**Data records**
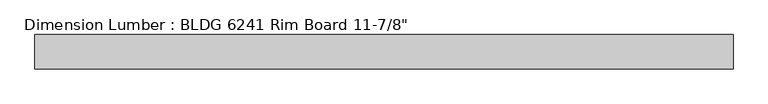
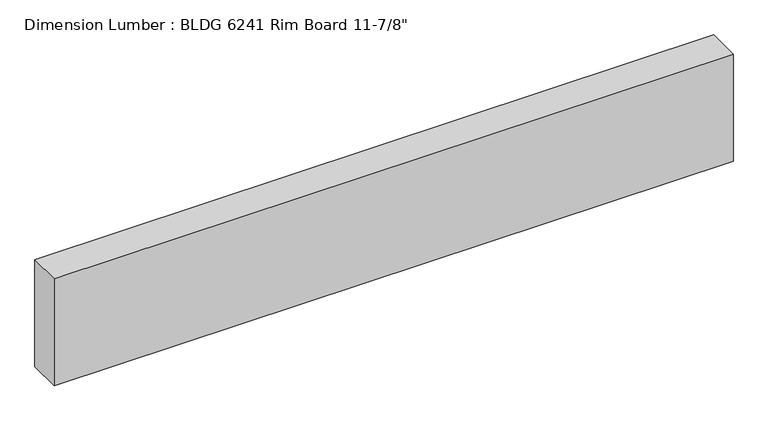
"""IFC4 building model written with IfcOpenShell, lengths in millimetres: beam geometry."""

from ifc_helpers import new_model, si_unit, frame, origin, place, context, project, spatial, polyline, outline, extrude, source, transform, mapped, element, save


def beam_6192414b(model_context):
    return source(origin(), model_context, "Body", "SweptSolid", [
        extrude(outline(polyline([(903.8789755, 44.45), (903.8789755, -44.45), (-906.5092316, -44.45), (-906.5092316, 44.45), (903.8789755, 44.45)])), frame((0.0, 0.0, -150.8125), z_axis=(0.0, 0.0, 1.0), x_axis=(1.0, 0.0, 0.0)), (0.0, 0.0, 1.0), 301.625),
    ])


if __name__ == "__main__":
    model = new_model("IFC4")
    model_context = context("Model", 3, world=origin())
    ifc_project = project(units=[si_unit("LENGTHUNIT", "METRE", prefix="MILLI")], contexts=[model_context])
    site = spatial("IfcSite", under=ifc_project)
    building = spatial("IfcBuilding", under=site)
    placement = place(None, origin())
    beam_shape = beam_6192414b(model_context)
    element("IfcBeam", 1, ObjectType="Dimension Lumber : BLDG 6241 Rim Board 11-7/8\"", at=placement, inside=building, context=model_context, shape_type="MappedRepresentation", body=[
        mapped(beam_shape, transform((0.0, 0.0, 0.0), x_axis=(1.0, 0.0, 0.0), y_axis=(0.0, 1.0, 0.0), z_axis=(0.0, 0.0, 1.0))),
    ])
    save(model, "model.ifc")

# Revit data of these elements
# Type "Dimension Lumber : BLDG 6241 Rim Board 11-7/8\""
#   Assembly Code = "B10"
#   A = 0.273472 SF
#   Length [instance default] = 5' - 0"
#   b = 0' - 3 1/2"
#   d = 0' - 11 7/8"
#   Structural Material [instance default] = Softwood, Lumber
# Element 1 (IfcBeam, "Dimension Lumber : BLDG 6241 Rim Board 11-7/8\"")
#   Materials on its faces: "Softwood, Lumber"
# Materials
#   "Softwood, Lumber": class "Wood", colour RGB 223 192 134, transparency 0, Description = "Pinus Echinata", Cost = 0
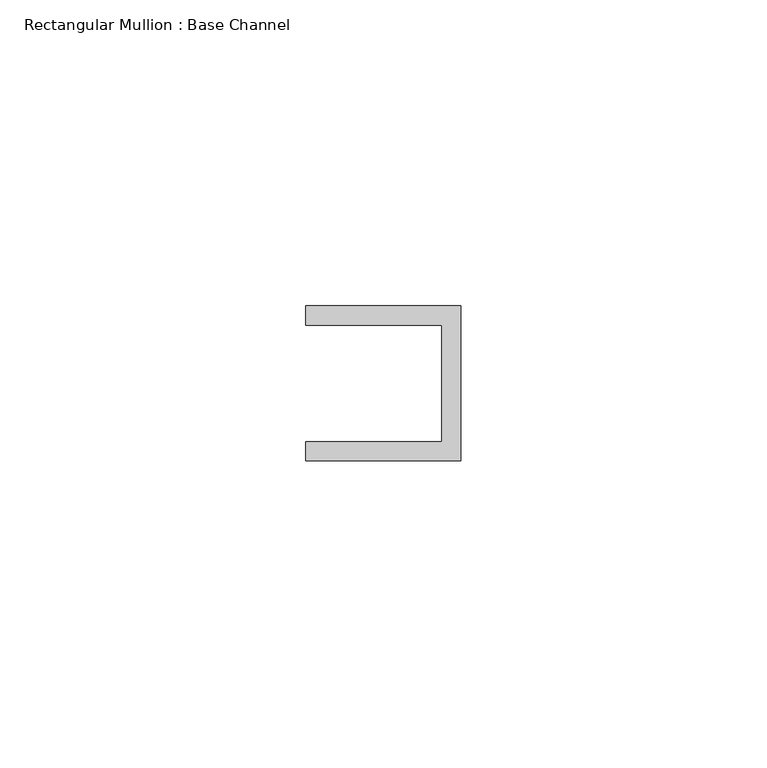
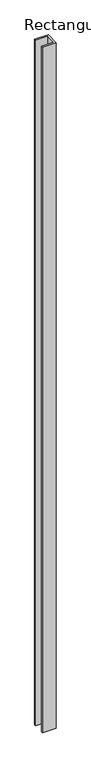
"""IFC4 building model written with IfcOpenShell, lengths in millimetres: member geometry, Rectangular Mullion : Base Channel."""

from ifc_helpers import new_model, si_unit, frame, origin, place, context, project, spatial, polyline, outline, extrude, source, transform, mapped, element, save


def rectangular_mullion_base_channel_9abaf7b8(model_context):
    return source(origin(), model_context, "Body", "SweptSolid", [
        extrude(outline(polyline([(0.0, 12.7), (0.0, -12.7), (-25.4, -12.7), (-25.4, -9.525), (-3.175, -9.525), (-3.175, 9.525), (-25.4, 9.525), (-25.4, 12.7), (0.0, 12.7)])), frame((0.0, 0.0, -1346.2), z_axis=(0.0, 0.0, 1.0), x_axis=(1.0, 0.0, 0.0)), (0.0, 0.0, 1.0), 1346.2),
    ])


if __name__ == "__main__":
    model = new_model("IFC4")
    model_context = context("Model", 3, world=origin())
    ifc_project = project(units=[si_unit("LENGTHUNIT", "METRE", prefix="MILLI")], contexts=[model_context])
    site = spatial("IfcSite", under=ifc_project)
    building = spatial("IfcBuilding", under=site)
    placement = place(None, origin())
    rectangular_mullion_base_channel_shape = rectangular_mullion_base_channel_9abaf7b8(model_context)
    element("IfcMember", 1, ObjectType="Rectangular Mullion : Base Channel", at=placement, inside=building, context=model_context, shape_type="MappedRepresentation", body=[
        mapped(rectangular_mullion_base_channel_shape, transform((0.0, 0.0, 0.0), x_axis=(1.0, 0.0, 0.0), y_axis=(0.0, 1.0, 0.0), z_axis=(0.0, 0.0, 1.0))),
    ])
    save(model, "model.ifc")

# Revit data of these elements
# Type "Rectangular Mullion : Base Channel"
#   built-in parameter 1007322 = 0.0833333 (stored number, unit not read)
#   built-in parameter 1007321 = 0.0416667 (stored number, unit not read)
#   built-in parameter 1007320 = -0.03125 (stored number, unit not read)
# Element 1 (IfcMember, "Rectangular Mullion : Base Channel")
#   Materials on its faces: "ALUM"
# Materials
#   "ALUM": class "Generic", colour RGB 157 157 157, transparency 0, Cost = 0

**Prompt**
From the first line to the last, reproduce the records above exactly and skip the pictures.

**Solution to this task**
"""IFC4 building model written with IfcOpenShell, lengths in millimetres: beam geometry."""

from ifc_helpers import new_model, si_unit, frame, origin, place, context, project, spatial, polyline, outline, extrude, source, transform, mapped, element, save


def beam_6192414b(model_context):
    return source(origin(), model_context, "Body", "SweptSolid", [
        extrude(outline(polyline([(903.8789755, 44.45), (903.8789755, -44.45), (-906.5092316, -44.45), (-906.5092316, 44.45), (903.8789755, 44.45)])), frame((0.0, 0.0, -150.8125), z_axis=(0.0, 0.0, 1.0), x_axis=(1.0, 0.0, 0.0)), (0.0, 0.0, 1.0), 301.625),
    ])


if __name__ == "__main__":
    model = new_model("IFC4")
    model_context = context("Model", 3, world=origin())
    ifc_project = project(units=[si_unit("LENGTHUNIT", "METRE", prefix="MILLI")], contexts=[model_context])
    site = spatial("IfcSite", under=ifc_project)
    building = spatial("IfcBuilding", under=site)
    placement = place(None, origin())
    beam_shape = beam_6192414b(model_context)
    element("IfcBeam", 1, ObjectType="Dimension Lumber : BLDG 6241 Rim Board 11-7/8\"", at=placement, inside=building, context=model_context, shape_type="MappedRepresentation", body=[
        mapped(beam_shape, transform((0.0, 0.0, 0.0), x_axis=(1.0, 0.0, 0.0), y_axis=(0.0, 1.0, 0.0), z_axis=(0.0, 0.0, 1.0))),
    ])
    save(model, "model.ifc")

# Revit data of these elements
# Type "Dimension Lumber : BLDG 6241 Rim Board 11-7/8\""
#   Assembly Code = "B10"
#   A = 0.273472 SF
#   Length [instance default] = 5' - 0"
#   b = 0' - 3 1/2"
#   d = 0' - 11 7/8"
#   Structural Material [instance default] = Softwood, Lumber
# Element 1 (IfcBeam, "Dimension Lumber : BLDG 6241 Rim Board 11-7/8\"")
#   Materials on its faces: "Softwood, Lumber"
# Materials
#   "Softwood, Lumber": class "Wood", colour RGB 223 192 134, transparency 0, Description = "Pinus Echinata", Cost = 0
"""IFC4 building model written with IfcOpenShell, lengths in millimetres: member geometry, Rectangular Mullion : Base Channel."""

from ifc_helpers import new_model, si_unit, frame, origin, place, context, project, spatial, polyline, outline, extrude, source, transform, mapped, element, save


def rectangular_mullion_base_channel_9abaf7b8(model_context):
    return source(origin(), model_context, "Body", "SweptSolid", [
        extrude(outline(polyline([(0.0, 12.7), (0.0, -12.7), (-25.4, -12.7), (-25.4, -9.525), (-3.175, -9.525), (-3.175, 9.525), (-25.4, 9.525), (-25.4, 12.7), (0.0, 12.7)])), frame((0.0, 0.0, -1346.2), z_axis=(0.0, 0.0, 1.0), x_axis=(1.0, 0.0, 0.0)), (0.0, 0.0, 1.0), 1346.2),
    ])


if __name__ == "__main__":
    model = new_model("IFC4")
    model_context = context("Model", 3, world=origin())
    ifc_project = project(units=[si_unit("LENGTHUNIT", "METRE", prefix="MILLI")], contexts=[model_context])
    site = spatial("IfcSite", under=ifc_project)
    building = spatial("IfcBuilding", under=site)
    placement = place(None, origin())
    rectangular_mullion_base_channel_shape = rectangular_mullion_base_channel_9abaf7b8(model_context)
    element("IfcMember", 1, ObjectType="Rectangular Mullion : Base Channel", at=placement, inside=building, context=model_context, shape_type="MappedRepresentation", body=[
        mapped(rectangular_mullion_base_channel_shape, transform((0.0, 0.0, 0.0), x_axis=(1.0, 0.0, 0.0), y_axis=(0.0, 1.0, 0.0), z_axis=(0.0, 0.0, 1.0))),
    ])
    save(model, "model.ifc")

# Revit data of these elements
# Type "Rectangular Mullion : Base Channel"
#   built-in parameter 1007322 = 0.0833333 (stored number, unit not read)
#   built-in parameter 1007321 = 0.0416667 (stored number, unit not read)
#   built-in parameter 1007320 = -0.03125 (stored number, unit not read)
# Element 1 (IfcMember, "Rectangular Mullion : Base Channel")
#   Materials on its faces: "ALUM"
# Materials
#   "ALUM": class "Generic", colour RGB 157 157 157, transparency 0, Cost = 0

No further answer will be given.